# Saving NEF to psd or tiff or png?



## Atreus (Aug 24, 2008)

I don't know if png should be thrown in there, but what are the pros/cons of psd/tiff? i understand theyre both lossless, but what would make one superior to the other?

just curious, because i save as to psd on all of my stuff, then i edit, then go from there......


----------



## Bifurcator (Aug 24, 2008)

PSD is more robust (stores more information chunks) than typical TIFF images but DNG is the _most_ robust and the very best format for archiving IMO.


http://en.wikipedia.org/wiki/RAW_image_format  Also see the links at the bottom of the page.


----------



## JerryPH (Aug 25, 2008)

DNG is best for archival and future changes, however the files are HUGE.  I have a 14mb file that after PPing was well over 225mb, and it is nothing all that special either.  

If I saved all my files as DNG, I would soon need more than the 18TB of space that I currently have!


I keep it a little more simple... I save the original RAW file and the final JPG.  If it is a special file that I spent a lot of work on, I save the resultant PSD.  I looked real fast at 5:14AM (just now) and in CS3, the DNG format was not in the list when doing a "save as".


----------



## epp_b (Aug 25, 2008)

IrfanView can open NEFs and save them as TIFF/PNG/JPEG/etc.  It can also do a whole bunch of them in one go with its batch processor.


----------



## myles (Aug 25, 2008)

What I have read and what moves me to keep everything as a NEF file is file size. Since NX2 came out I have been doing more permanent post processing of RAW images only in NX2. The brush tool and the u-point system gets me to as many places in my PP techniques as I want to go these days. NX has come a long way but it also needs a few more things to make it truly pro, like LAB and CMYK color spaces to start with. So I only use PS for final edits with plug-ins, or actions, which can be easily duplicated after making a JPG image from the RAW. 

So I have moved to saving NEF's instead of the huge TIFF or DNG files.


David Myles Stam
www.davidmylesphotography.com


----------



## Atreus (Aug 28, 2008)

Thanks for the feedback guys.


----------



## Bifurcator (Aug 28, 2008)

Don't dismiss JPEG-2000 either... It can keep all of you bit depth in tact, camera and shot information, and still be small.


----------



## Tolyk (Aug 28, 2008)

epp_b said:


> IrfanView can open NEFs and save them as TIFF/PNG/JPEG/etc. It can also do a whole bunch of them in one go with its batch processor.

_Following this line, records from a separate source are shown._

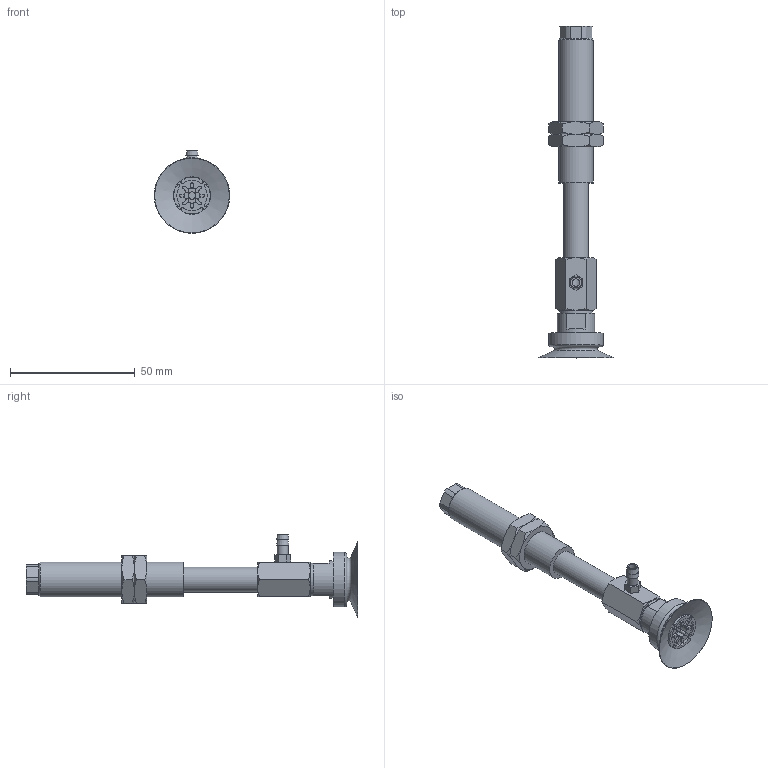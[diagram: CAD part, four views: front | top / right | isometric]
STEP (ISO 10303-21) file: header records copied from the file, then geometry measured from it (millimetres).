
FILE_DESCRIPTION(('STEP AP203'),'1');
FILE_NAME('-T.stp','2025-02-28T06:15:11',(' '),(' '),'Spatial InterOp 3D',' ',' ');
FILE_SCHEMA(('CONFIG_CONTROL_DESIGN'));
Length unit declared in the file: millimetre
Products named in the file (7): BNABPAYS-30-30-※-T; NAPAYS-30B-30--M; NAPAYS-30B-30--F; Nut-25-S; CONNECTOR-30B-30-PA; T; BPAG-30-※
Assembly tree (7 placements, depth 2):
  BNABPAYS-30-30-※-T
    NAPAYS-30B-30--M
    NAPAYS-30B-30--F
    Nut-25-S  x2
    CONNECTOR-30B-30-PA
    T
    BPAG-30-※
Bounding box: 30.3 x 133.2 x 33.15 mm (x, y, z)
Volume: 20613.2 mm3; surface area: 15511.3 mm2
Topology: 7 solids, 7 shells, 216 faces, 489 edges, 308 vertices
Faces by surface type: plane 99, cylinder 61, cone 54, torus 2
Full cylindrical faces by diameter (mm): 3 x3, 4.134 x2, 4.3 x1, 4.6 x1, 4.917 x1, 5 x2, 6 x1, 10 x2, 12.917 x2, 13 x1, 14 x1, 15 x1, 22 x1
Entity records: 5914 total; most frequent: CARTESIAN_POINT 1276, DIRECTION 930, ORIENTED_EDGE 808, EDGE_CURVE 404, AXIS2_PLACEMENT_3D 376, VERTEX_POINT 278, EDGE_LOOP 260, FACE_OUTER_BOUND 213
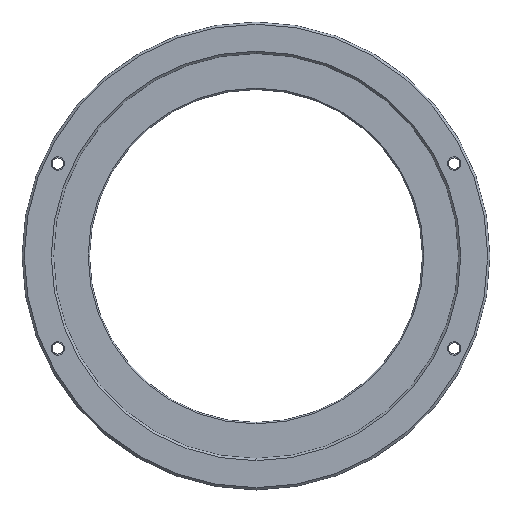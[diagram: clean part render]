
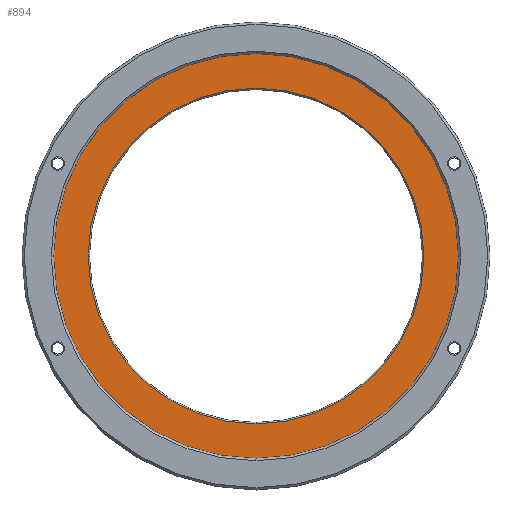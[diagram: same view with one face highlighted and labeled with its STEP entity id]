
A CAD part, top view. The second image highlights one B-rep face of the part: STEP entity #894.
In plain terms, the highlighted planar face has unit normal (0, 0, 1).
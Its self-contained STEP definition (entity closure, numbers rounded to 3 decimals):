
#328=CARTESIAN_POINT('',(0.,0.,2.));
#329=DIRECTION('',(0.,0.,1.));
#330=DIRECTION('',(0.,1.,0.));
#331=AXIS2_PLACEMENT_3D('',#328,#329,#330);
#337=CARTESIAN_POINT('',(0.,0.,2.));
#338=DIRECTION('',(0.,0.,-1.));
#339=DIRECTION('',(0.,1.,0.));
#340=AXIS2_PLACEMENT_3D('',#337,#338,#339);
#345=CARTESIAN_POINT('',(0.,0.,2.));
#346=DIRECTION('',(0.,0.,1.));
#347=DIRECTION('',(0.,1.,0.));
#348=AXIS2_PLACEMENT_3D('',#345,#346,#347);
#353=CARTESIAN_POINT('',(0.,0.,2.));
#354=DIRECTION('',(0.,0.,1.));
#355=DIRECTION('',(0.,-1.,0.));
#356=AXIS2_PLACEMENT_3D('',#353,#354,#355);
#801=CARTESIAN_POINT('',(0.,45.,2.));
#802=CARTESIAN_POINT('',(0.,-45.,2.));
#803=VERTEX_POINT('',#801);
#804=VERTEX_POINT('',#802);
#865=CARTESIAN_POINT('',(0.,37.3,2.));
#866=CARTESIAN_POINT('',(0.,-37.3,2.));
#867=VERTEX_POINT('',#865);
#868=VERTEX_POINT('',#866);
#877=CARTESIAN_POINT('',(0.,0.,2.));
#878=DIRECTION('',(0.,0.,-1.));
#879=DIRECTION('',(0.,-1.,0.));
#880=AXIS2_PLACEMENT_3D('',#877,#878,#879);
#881=PLANE('',#880);
#883=ORIENTED_EDGE('',*,*,#882,.F.);
#885=ORIENTED_EDGE('',*,*,#884,.T.);
#886=EDGE_LOOP('',(#883,#885));
#887=FACE_OUTER_BOUND('',#886,.F.);
#889=ORIENTED_EDGE('',*,*,#888,.T.);
#891=ORIENTED_EDGE('',*,*,#890,.T.);
#892=EDGE_LOOP('',(#889,#891));
#893=FACE_BOUND('',#892,.F.);
#332=CIRCLE('',#331,45.);
#341=CIRCLE('',#340,45.);
#349=CIRCLE('',#348,37.3);
#357=CIRCLE('',#356,37.3);
#882=EDGE_CURVE('',#803,#804,#332,.T.);
#884=EDGE_CURVE('',#803,#804,#341,.T.);
#888=EDGE_CURVE('',#867,#868,#349,.T.);
#890=EDGE_CURVE('',#868,#867,#357,.T.);
#894=ADVANCED_FACE('',(#887,#893),#881,.F.);

What does that have to do with the question that was asked anyway? They asked about the advantages, not which programs can do it, and can batch process.


I don't have CS3 installed on this computer and it's been months since I've used it. But I never saved in PSD. I just do what Jerry said, without the occassional PSD file. PSD is indeed lossless, but as stated, the files are huge. I just don't have the capacity to be backing up 3 different versions of my files either.


----------



## usayit (Aug 28, 2008)

JerryPH said:


> DNG is best for archival and future changes, however the files are HUGE.  I have a 14mb file that after PPing was well over 225mb, and it is nothing all that special either.



Does it grow from 14mb to 225mb due to saving the incremental changes you made in photoshop?

I'm still archiving everything in TIFF... I guess I feel it has been around longer than DNG.


----------



## Bifurcator (Aug 28, 2008)

The difference is that TIFF is a processed file format. Some destructive changes have been made to the data. With DNG you're *optionally* keeping the unmodified sensor data.

I haven't ever seen one get 200mb or more personally. In fact I haven't ever seen one larger that about 80mb.  And i use the format allot.  That doesn't mean it can't happen - it just means I've never seen it.


----------



## epp_b (Aug 29, 2008)

> What does that have to do with the question that was asked anyway? They asked about the advantages, not which programs can do it, and can batch process.


Uh, kind of assumed based on the title.  My bad...carry on


----------



## JerryPH (Aug 29, 2008)

usayit said:


> Does it grow from 14mb to 225mb due to saving the incremental changes you made in photoshop?



It likely does have some to do with it.  I was looking at a file with about 25 layers, that had the most to do with it, I would say.


----------



## JerryPH (Aug 29, 2008)

Bifurcator said:


> I haven't ever seen one get 200mb or more personally. In fact I haven't ever seen one larger that about 80mb.  And i use the format allot.  That doesn't mean it can't happen - it just means I've never seen it.



I should introduce you to someone here locally that worked on a single wedding photo and it was over 400mb when finished.  A very intricate collage of 18 pictures with "God knows what" post processing he did.  It was for a 16X20 that a client asked for.  I did not count layers or ask much, I was too busy being impressed and thinking "too big... too big...".


----------



## usayit (Aug 29, 2008)

Bifurcator said:


> The difference is that TIFF is a processed file format. Some destructive changes have been made to the data. With DNG you're *optionally* keeping the unmodified sensor data..



Let me change up my question a bit.  

If I took an unmodified RAW file and convert to TIFF for archiving purposes, what are the advantages/disadvantages compared to DNG?

My reasoning for sticking with TIFF is that the format
one) has been around since the 80s
two) specification has not changed in over 10 years

But... I am considering other options; DNG being one option since my camera already writes in DNG format.  Primary concern is archiving.... ie, will TIFF or DNG be readable 20-30 years from now.


A little background....  My workflow starts with a TIFF version saved with a very basic set of adjustments that are almost always performed no matter what the intentions; WB and levels usually.  That file is for archival.  I then continue to work from the RAW file until final print.  I then save a high quality JPEG files of the version used for final print.  What I end up with is usually a TIFF and a couple JPEGs for each frame.


----------



## Joves (Aug 29, 2008)

I save in DNG for the reason MrBifurcator has said. I have only 1 TB of storage and, they still havent put a big dent in it.


----------